Such is the British constitution,-its basis, religion; its end, liberty; its principal means and safeguard of liberty, the majesty of the sovereign. In support of it the king is not more interested than the peasant.

It was a signal instance of God's mercy,-not imputing to the people of this land the atrocious deed of a desperate faction,-it was a signal instance of God's mercy, that the goodly fabric was not crushed in the middle of the last century, ere it had attained its finished perfection, by the phrensy of that fanatical banditti which took the life of the first Charles. In the madness and confusion which followed the shedding of that blood, our history holds forth an edifying example of the effects that are ever to be expected-in that example, it gives warning of the effects that ever are intended, by the dissemination of those infernal maxims, that kings are the servants of the people, punishable by their masters. The same lesson is confirmed by the horrible example which the present hour exhibits, in the unparelleled misery of a neighbouring nation, once great in learning, arts, and arms; now torn by contending factions-her government demolished-her alters overthrown-her first-born despoiled of their birth-right-her nobles degraded-her best citizens exiled-her riches, sacred and profane, given up to the pillage of sacrilege and rapine-atheists directing her councils-desperadoes conducting her armies-wars of unjust and chimerical ambition consuming her youth-her granaries exhausted -her fields uncultivated-famine threatening her multitudes her streets swarming with assassins, filled with violence, deluged with blood!

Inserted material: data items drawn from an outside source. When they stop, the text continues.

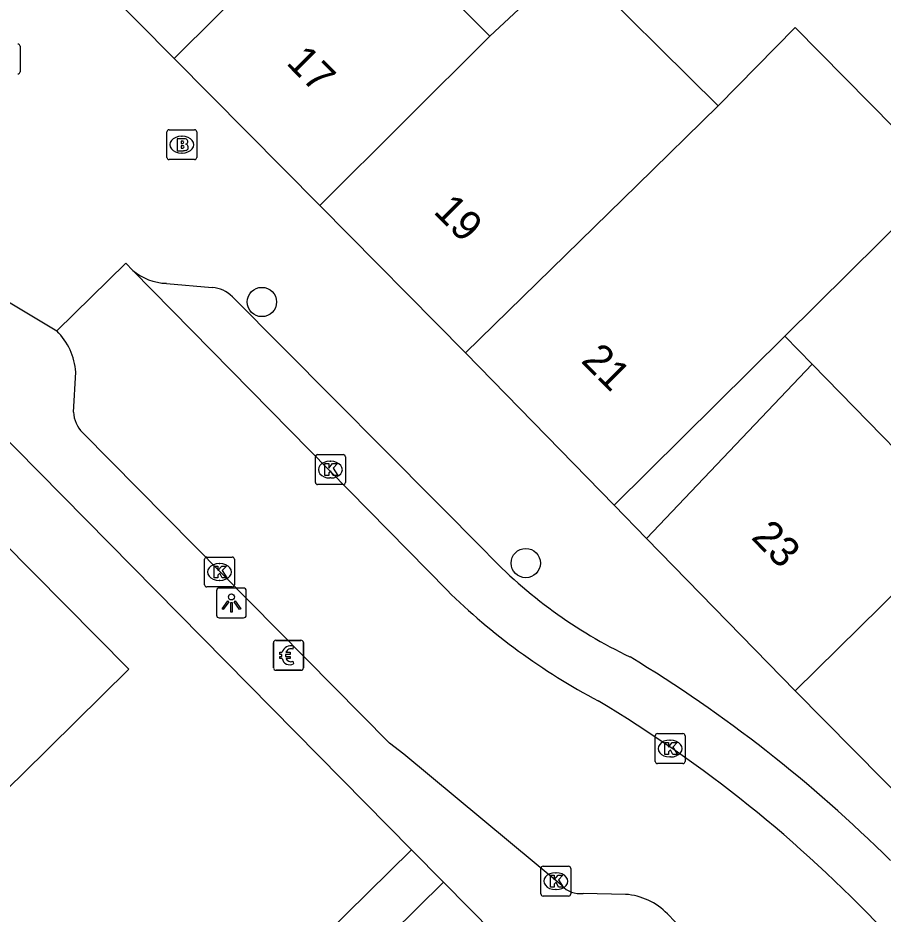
# Model space of a CAD drawing. Extents: x 160107 to 160928, y 382056 to 382918.
# Drawn here: x 160648.6 to 160677.52, y 382634.56 to 382664.5 of the extents above; entities that cross this region are included whole.
import ezdxf

# ---------------------------------------------------------------- set-up
doc = ezdxf.new("R2010")
doc.units = 0
for name, color, linetype in [('IMGEO_Betaalautomaat', 7, 'Continuous'), ('IMGEO_Boom', 7, 'Continuous'), ('IMGEO_Brandkraan', 7, 'Continuous'), ('IMGEO_Kolk', 7, 'Continuous'), ('IMGEO_Lichtpunt', 7, 'Continuous'), ('IMGEO_Pand', 7, 'Continuous'), ('IMGEO_Pand_nummerreeks', 7, 'Continuous'), ('IMGEO_Pand_overbouw', 7, 'Continuous'), ('IMGEO_Rijbaan_lokaal_open', 7, 'Continuous'), ('IMGEO_Rioolput', 7, 'Continuous'), ('IMGEO_Voetpad_open', 7, 'Continuous')]:
    doc.layers.add(name, color=color, linetype=linetype)

msp = doc.modelspace()

# ---------------------------------------------------------------- linework, layer by layer
at = {"layer": 'IMGEO_Betaalautomaat'}
for p, q in [((160657.145, 382642.781), (160657.145, 382643.622)), ((160657.145, 382643.622), (160657.145, 382642.781)), ((160657.22, 382643.705), (160658.061, 382643.705)), ((160658.061, 382643.705), (160657.22, 382643.705)), ((160657.807, 382643.51), (160657.79, 382643.41)), ((160658.144, 382643.631), (160658.144, 382642.79)), ((160658.144, 382642.79), (160658.144, 382643.631)), ((160657.428, 382643.169), (160657.428, 382643.237)), ((160657.549, 382643.237), (160657.549, 382643.169)), ((160657.794, 382643.004), (160657.816, 382642.917)), ((160658.07, 382642.706), (160657.229, 382642.706)), ((160657.229, 382642.706), (160658.07, 382642.706))]:
    msp.add_line(p, q, dxfattribs=at)
for points in [[(160657.428, 382643.237), (160657.359, 382643.237), (160657.359, 382643.306), (160657.438, 382643.306)], [(160657.56, 382643.306), (160657.707, 382643.306), (160657.707, 382643.237), (160657.549, 382643.237)], [(160657.433, 382643.1), (160657.359, 382643.1), (160657.359, 382643.169), (160657.428, 382643.169)], [(160657.549, 382643.169), (160657.707, 382643.169), (160657.707, 382643.1), (160657.563, 382643.1)]]:
    msp.add_lwpolyline(points, dxfattribs=at)
for centre, radius, start, end in [((160657.223, 382643.628), 0.0779, 92.4484, 184.2845), ((160657.223, 382643.628), 0.0779, 92.4484, 184.2845), ((160657.721, 382643.23), 0.293, 73.014, 165.0139), ((160658.067, 382643.628), 0.0779, 2.4484, 94.2845), ((160658.067, 382643.628), 0.0779, 2.4484, 94.2845), ((160657.727, 382643.243), 0.179, 69.3236, 159.5683), ((160657.694, 382643.155), 0.267, 191.8096, 297.0389), ((160657.727, 382643.17), 0.179, 202.7625, 291.8693), ((160657.223, 382642.784), 0.0779, 182.4484, 274.2845), ((160657.223, 382642.784), 0.0779, 182.4484, 274.2845), ((160658.067, 382642.784), 0.0779, 272.4484, 4.2845), ((160658.067, 382642.784), 0.0779, 272.4484, 4.2845)]:
    msp.add_arc(centre, radius, start, end, dxfattribs=at)
at = {"layer": 'IMGEO_Boom'}
for centre in [(160656.758, 382655.009), (160665.578, 382646.287)]:
    msp.add_circle(centre, 0.489, dxfattribs=at)
at = {"layer": 'IMGEO_Brandkraan'}
for p, q in [((160653.58, 382659.839), (160653.58, 382660.691)), ((160653.655, 382660.765), (160654.507, 382660.765)), ((160654.581, 382660.691), (160654.581, 382659.839)), ((160654.068, 382660.545), (160654.093, 382660.545)), ((160654.091, 382659.985), (160654.066, 382659.985)), ((160654.507, 382659.765), (160653.655, 382659.765))]:
    msp.add_line(p, q, dxfattribs=at)
for points in [[(160653.58, 382659.839), (160653.58, 382660.691)], [(160653.655, 382660.765), (160654.507, 382660.765)], [(160654.581, 382660.691), (160654.581, 382659.839)], [(160653.928, 382660.465), (160653.928, 382660.065), (160654.141, 382660.065)], [(160654.159, 382660.465), (160653.928, 382660.465)], [(160654.107, 382660.384), (160654.053, 382660.384), (160654.053, 382660.308)], [(160654.053, 382660.308), (160654.106, 382660.308)], [(160654.115, 382660.232), (160654.053, 382660.232), (160654.053, 382660.151)], [(160654.053, 382660.151), (160654.115, 382660.151)], [(160654.507, 382659.765), (160653.655, 382659.765)]]:
    msp.add_lwpolyline(points, dxfattribs=at)
for centre, radius, start, end in [((160653.657, 382660.689), 0.0765, 91.552, 178.448), ((160653.657, 382660.689), 0.0765, 91.552, 178.448), ((160654.505, 382660.689), 0.0765, 1.552, 88.448), ((160654.505, 382660.689), 0.0765, 1.552, 88.448), ((160654.108, 382660.346), 0.0379, 267.8285, 90.9355), ((160654.163, 382660.32), 0.145, 59.4692, 91.5367), ((160654.188, 382660.367), 0.0922, 285.5137, 58.1501), ((160654.193, 382660.175), 0.105, 301.3115, 78.989), ((160654.116, 382660.191), 0.0404, 269.8759, 90.5077), ((160654.147, 382660.316), 0.251, 268.6676, 293.5347), ((160653.657, 382659.841), 0.0765, 181.552, 268.448), ((160653.657, 382659.841), 0.0765, 181.552, 268.448), ((160654.505, 382659.841), 0.0765, 271.552, 358.448), ((160654.505, 382659.841), 0.0765, 271.552, 358.448)]:
    msp.add_arc(centre, radius, start, end, dxfattribs=at)
for centre, major_axis, ratio, start_param, end_param in [((160654.067, 382660.265), (-0.387, 0.002), 0.722429, 4.712389, 7.853982), ((160654.092, 382660.265), (-0.39, 0.002), 0.717154, 1.570796, 4.712389)]:
    msp.add_ellipse(centre, major_axis=major_axis, ratio=ratio, start_param=start_param, end_param=end_param, dxfattribs=at)
at = {"layer": 'IMGEO_Kolk'}
for p, q in [((160658.545, 382648.983), (160658.545, 382649.835)), ((160658.62, 382649.909), (160659.472, 382649.909)), ((160659.546, 382649.835), (160659.546, 382648.983)), ((160659.033, 382649.689), (160659.058, 382649.689)), ((160659.472, 382648.909), (160658.62, 382648.909)), ((160659.056, 382649.129), (160659.031, 382649.129)), ((160654.914, 382646.488), (160655.766, 382646.488)), ((160654.839, 382645.562), (160654.839, 382646.414)), ((160655.327, 382646.268), (160655.352, 382646.268)), ((160655.84, 382646.414), (160655.84, 382645.562)), ((160655.35, 382645.708), (160655.325, 382645.708)), ((160655.766, 382645.488), (160654.914, 382645.488)), ((160669.903, 382639.662), (160669.903, 382640.514)), ((160669.978, 382640.588), (160670.83, 382640.588)), ((160670.904, 382640.514), (160670.904, 382639.662)), ((160670.391, 382640.368), (160670.416, 382640.368)), ((160670.414, 382639.808), (160670.389, 382639.808)), ((160670.83, 382639.588), (160669.978, 382639.588)), ((160666.083, 382635.234), (160666.083, 382636.086)), ((160666.158, 382636.16), (160667.01, 382636.16)), ((160667.084, 382636.086), (160667.084, 382635.234)), ((160666.571, 382635.94), (160666.596, 382635.94)), ((160667.01, 382635.16), (160666.158, 382635.16)), ((160666.594, 382635.38), (160666.569, 382635.38))]:
    msp.add_line(p, q, dxfattribs=at)
for points in [[(160658.545, 382648.983), (160658.545, 382649.835)], [(160658.62, 382649.909), (160659.472, 382649.909)], [(160659.546, 382649.835), (160659.546, 382648.983)], [(160658.866, 382649.609), (160658.989, 382649.609), (160658.989, 382649.458), (160659.119, 382649.609), (160659.283, 382649.609), (160659.137, 382649.458), (160659.29, 382649.209), (160659.138, 382649.209), (160659.053, 382649.373), (160658.989, 382649.306), (160658.989, 382649.209), (160658.866, 382649.209), (160658.866, 382649.609)], [(160659.472, 382648.909), (160658.62, 382648.909)], [(160654.914, 382646.488), (160655.766, 382646.488)], [(160654.839, 382645.562), (160654.839, 382646.414)], [(160655.16, 382646.188), (160655.283, 382646.188), (160655.283, 382646.037), (160655.413, 382646.188), (160655.577, 382646.188), (160655.431, 382646.037), (160655.584, 382645.788), (160655.432, 382645.788), (160655.347, 382645.952), (160655.283, 382645.885), (160655.283, 382645.788), (160655.16, 382645.788), (160655.16, 382646.188)], [(160655.84, 382646.414), (160655.84, 382645.562)], [(160655.766, 382645.488), (160654.914, 382645.488)], [(160669.903, 382639.662), (160669.903, 382640.514)], [(160669.978, 382640.588), (160670.83, 382640.588)], [(160670.904, 382640.514), (160670.904, 382639.662)], [(160670.224, 382640.288), (160670.347, 382640.288), (160670.347, 382640.137), (160670.477, 382640.288), (160670.641, 382640.288), (160670.495, 382640.137), (160670.648, 382639.888), (160670.496, 382639.888), (160670.411, 382640.052), (160670.347, 382639.985), (160670.347, 382639.888), (160670.224, 382639.888), (160670.224, 382640.288)], [(160670.83, 382639.588), (160669.978, 382639.588)], [(160666.083, 382635.234), (160666.083, 382636.086)], [(160666.158, 382636.16), (160667.01, 382636.16)], [(160667.084, 382636.086), (160667.084, 382635.234)], [(160666.404, 382635.86), (160666.527, 382635.86), (160666.527, 382635.709), (160666.657, 382635.86), (160666.821, 382635.86), (160666.675, 382635.709), (160666.828, 382635.46), (160666.676, 382635.46), (160666.591, 382635.624), (160666.527, 382635.557), (160666.527, 382635.46), (160666.404, 382635.46), (160666.404, 382635.86)], [(160667.01, 382635.16), (160666.158, 382635.16)]]:
    msp.add_lwpolyline(points, dxfattribs=at)
for centre, start, end in [((160658.622, 382649.833), 91.552, 178.448), ((160658.622, 382649.833), 91.552, 178.448), ((160659.47, 382649.833), 1.552, 88.448), ((160659.47, 382649.833), 1.552, 88.448), ((160658.622, 382648.985), 181.552, 268.448), ((160658.622, 382648.985), 181.552, 268.448), ((160659.47, 382648.985), 271.552, 358.448), ((160659.47, 382648.985), 271.552, 358.448), ((160654.916, 382646.412), 91.552, 178.448), ((160654.916, 382646.412), 91.552, 178.448), ((160655.764, 382646.412), 1.552, 88.448), ((160655.764, 382646.412), 1.552, 88.448), ((160654.916, 382645.564), 181.552, 268.448), ((160654.916, 382645.564), 181.552, 268.448), ((160655.764, 382645.564), 271.552, 358.448), ((160655.764, 382645.564), 271.552, 358.448), ((160669.98, 382640.512), 91.552, 178.448), ((160669.98, 382640.512), 91.552, 178.448), ((160670.828, 382640.512), 1.552, 88.448), ((160670.828, 382640.512), 1.552, 88.448), ((160669.98, 382639.664), 181.552, 268.448), ((160669.98, 382639.664), 181.552, 268.448), ((160670.828, 382639.664), 271.552, 358.448), ((160670.828, 382639.664), 271.552, 358.448), ((160666.16, 382636.084), 91.552, 178.448), ((160666.16, 382636.084), 91.552, 178.448), ((160667.008, 382636.084), 1.552, 88.448), ((160667.008, 382636.084), 1.552, 88.448), ((160666.16, 382635.236), 181.552, 268.448), ((160666.16, 382635.236), 181.552, 268.448), ((160667.008, 382635.236), 271.552, 358.448), ((160667.008, 382635.236), 271.552, 358.448)]:
    msp.add_arc(centre, 0.0765, start, end, dxfattribs=at)
for centre, major_axis, ratio, start_param, end_param in [((160659.032, 382649.409), (-0.387, 0.002), 0.722429, 4.712389, 7.853982), ((160659.057, 382649.409), (-0.39, 0.002), 0.717154, 1.570796, 4.712389), ((160655.326, 382645.988), (-0.387, 0.002), 0.722429, 4.712389, 7.853982), ((160655.351, 382645.988), (-0.39, 0.002), 0.717154, 1.570796, 4.712389), ((160670.39, 382640.088), (-0.387, 0.002), 0.722429, 4.712389, 7.853982), ((160670.415, 382640.088), (-0.39, 0.002), 0.717154, 1.570796, 4.712389), ((160666.57, 382635.66), (-0.387, 0.002), 0.722429, 4.712389, 7.853982), ((160666.595, 382635.66), (-0.39, 0.002), 0.717154, 1.570796, 4.712389)]:
    msp.add_ellipse(centre, major_axis=major_axis, ratio=ratio, start_param=start_param, end_param=end_param, dxfattribs=at)
at = {"layer": 'IMGEO_Lichtpunt'}
for p, q in [((160655.239, 382645.357), (160655.239, 382644.55)), ((160655.239, 382645.357), (160655.239, 382644.55)), ((160656.141, 382645.452), (160655.333, 382645.452)), ((160656.141, 382645.452), (160655.333, 382645.452)), ((160656.235, 382644.55), (160656.235, 382645.357)), ((160656.235, 382644.55), (160656.235, 382645.357)), ((160655.333, 382644.456), (160656.141, 382644.456)), ((160655.333, 382644.456), (160656.141, 382644.456))]:
    msp.add_line(p, q, dxfattribs=at)
for points in [[(160655.613, 382645.021), (160655.652, 382644.993), (160655.464, 382644.731), (160655.426, 382644.758), (160655.613, 382645.021)], [(160655.825, 382644.993), (160655.863, 382645.02), (160656.05, 382644.758), (160656.011, 382644.73), (160655.825, 382644.993)], [(160655.715, 382644.973), (160655.762, 382644.973), (160655.762, 382644.651), (160655.715, 382644.651), (160655.715, 382644.973)]]:
    msp.add_lwpolyline(points, dxfattribs=at)
msp.add_circle((160655.738, 382645.155), 0.0994, dxfattribs=at)
for centre, start, end in [((160655.333, 382645.357), 90, 180), ((160655.333, 382645.357), 90, 180), ((160656.141, 382645.357), 0, 90), ((160656.141, 382645.357), 0, 90), ((160655.333, 382644.55), 180, 270), ((160655.333, 382644.55), 180, 270), ((160656.141, 382644.55), 270, 0), ((160656.141, 382644.55), 270, 360)]:
    msp.add_arc(centre, 0.0946, start, end, dxfattribs=at)
at = {"layer": 'IMGEO_Pand'}
for points in [[(160653.827, 382663.146), (160659.514, 382668.799)], [(160653.827, 382663.146), (160648.883, 382668.139)], [(160661.615, 382666.677), (160664.371, 382663.893)], [(160664.371, 382663.893), (160667.096, 382666.434), (160672.007, 382661.561)], [(160672.007, 382661.561), (160674.579, 382664.179), (160679.567, 382659.14), (160674.237, 382653.864), (160668.534, 382648.218)], [(160664.371, 382663.893), (160658.688, 382658.236)], [(160658.688, 382658.236), (160653.827, 382663.146)], [(160672.007, 382661.561), (160669.299, 382658.916), (160663.563, 382653.311)], [(160663.563, 382653.311), (160658.688, 382658.236)], [(160668.534, 382648.218), (160663.563, 382653.311)], [(160669.618, 382647.108), (160675.152, 382652.928), (160680.312, 382647.65)], [(160648.326, 382638.824), (160648.748, 382639.239), (160652.312, 382642.745), (160645.935, 382649.166), (160641.954, 382645.241)], [(160674.589, 382642.015), (160680.312, 382647.65)], [(160674.589, 382642.015), (160669.618, 382647.108)], [(160679.49, 382637.064), (160674.589, 382642.015)]]:
    msp.add_lwpolyline(points, dxfattribs=at)
at = {"layer": 'IMGEO_Pand_overbouw'}
msp.add_lwpolyline([(160675.152, 382652.928), (160674.237, 382653.864), (160668.534, 382648.218), (160669.618, 382647.108)], close=True, dxfattribs=at)
at = {"layer": 'IMGEO_Rijbaan_lokaal_open'}
for points in [[(160649.899, 382654.041), (160652.209, 382656.301), (160652.444, 382656.062)], [(160652.444, 382656.062), (160662.945, 382645.377)], [(160650.455, 382651.333), (160650.531, 382652.663)], [(160666.785, 382635.514), (160661.496, 382639.903), (160661.023, 382640.273), (160650.759, 382650.645)], [(160668.917, 382635.219), (160667.492, 382635.249)], [(160671.343, 382633.499), (160670.313, 382634.568)]]:
    msp.add_lwpolyline(points, dxfattribs=at)
for centre, radius, start, end in [((160648.439, 382652.537), 2.096, 3.4387, 45.8371), ((160651.514, 382651.39), 1.06, 183.0631, 224.6144), ((160678.099, 382660.798), 21.62, 225.5005, 242.1541), ((160645.108, 382603.375), 44.625, 43.4149, 59.1365), ((160667.383, 382636.035), 0.793, 221.042, 277.8636), ((160668.761, 382633.062), 2.162, 44.1318, 85.8659)]:
    msp.add_arc(centre, radius, start, end, dxfattribs=at)
at = {"layer": 'IMGEO_Rioolput'}
msp.add_line((160648.674, 382663.553), (160648.674, 382662.701), dxfattribs=at)
msp.add_lwpolyline([(160648.674, 382663.553), (160648.674, 382662.701)], dxfattribs=at)
for centre, start, end in [((160648.598, 382663.551), 1.552, 88.448), ((160648.598, 382663.551), 1.552, 88.448), ((160648.598, 382662.703), 271.552, 358.448), ((160648.598, 382662.703), 271.552, 358.448)]:
    msp.add_arc(centre, 0.0765, start, end, dxfattribs=at)
at = {"layer": 'IMGEO_Voetpad_open'}
for points in [[(160646.486, 382656.089), (160649.899, 382654.041)], [(160653.571, 382655.632), (160655.096, 382655.497)], [(160655.77, 382655.181), (160664.249, 382646.651)], [(160646.97, 382651.686), (160661.762, 382636.708)], [(160668.534, 382648.218), (160669.618, 382647.108)], [(160661.762, 382636.708), (160657.395, 382632.411)], [(160661.762, 382636.708), (160662.826, 382635.631)], [(160661.073, 382633.9), (160662.826, 382635.631)], [(160662.826, 382635.631), (160712.982, 382584.842)]]:
    msp.add_lwpolyline(points, dxfattribs=at)
for centre, radius, start, end in [((160653.62, 382657.454), 1.822, 229.7878, 268.4441), ((160655.003, 382654.422), 1.079, 44.7069, 85.0548), ((160676.044, 382657.828), 16.25, 223.4598, 244.5534), ((160644.698, 382603.008), 46.962, 45.2318, 58.7473)]:
    msp.add_arc(centre, radius, start, end, dxfattribs=at)

# ---------------------------------------------------------------- texts
at = {"layer": 'IMGEO_Pand_nummerreeks'}
for s, rotation, p in [('17', 314.7134, (160657.538, 382662.976)), ('19', 314.7133, (160662.461, 382658.006)), ('21', 314.7133, (160667.398, 382653.02)), ('23', 314.7138, (160673.083, 382647.118))]:
    msp.add_text(s, height=1, rotation=rotation, dxfattribs=at).set_placement(p)

doc.saveas('drawing.dxf')

Is the picture frightful? Is the misery extreme-the guilt horrid? Alas! these things were but the prelude of the tragedy: public justice poisoned in its source,

profaned in the abuse of its most solemn forms to the foulest purposes-a monarch deliberately murdered-a monarch, whose only crime it was that he inherited a sceptre the thirty-second of his illustrious stock, butchered on a public scaffold, after the mockery of arraignment, trial, sentence-butchered without the merciful formalities of the vilest malefactor's execution-the sad privilege of a last farewell to the surrounding populace refused-not the pause of a moment allowed for devotion -honourable interment denied to the corpse-the royal widow's anguish imbittered by the rigour of a close imprisonment; with hope indeed at no great distance, of release, of such release as hath been given to her lord!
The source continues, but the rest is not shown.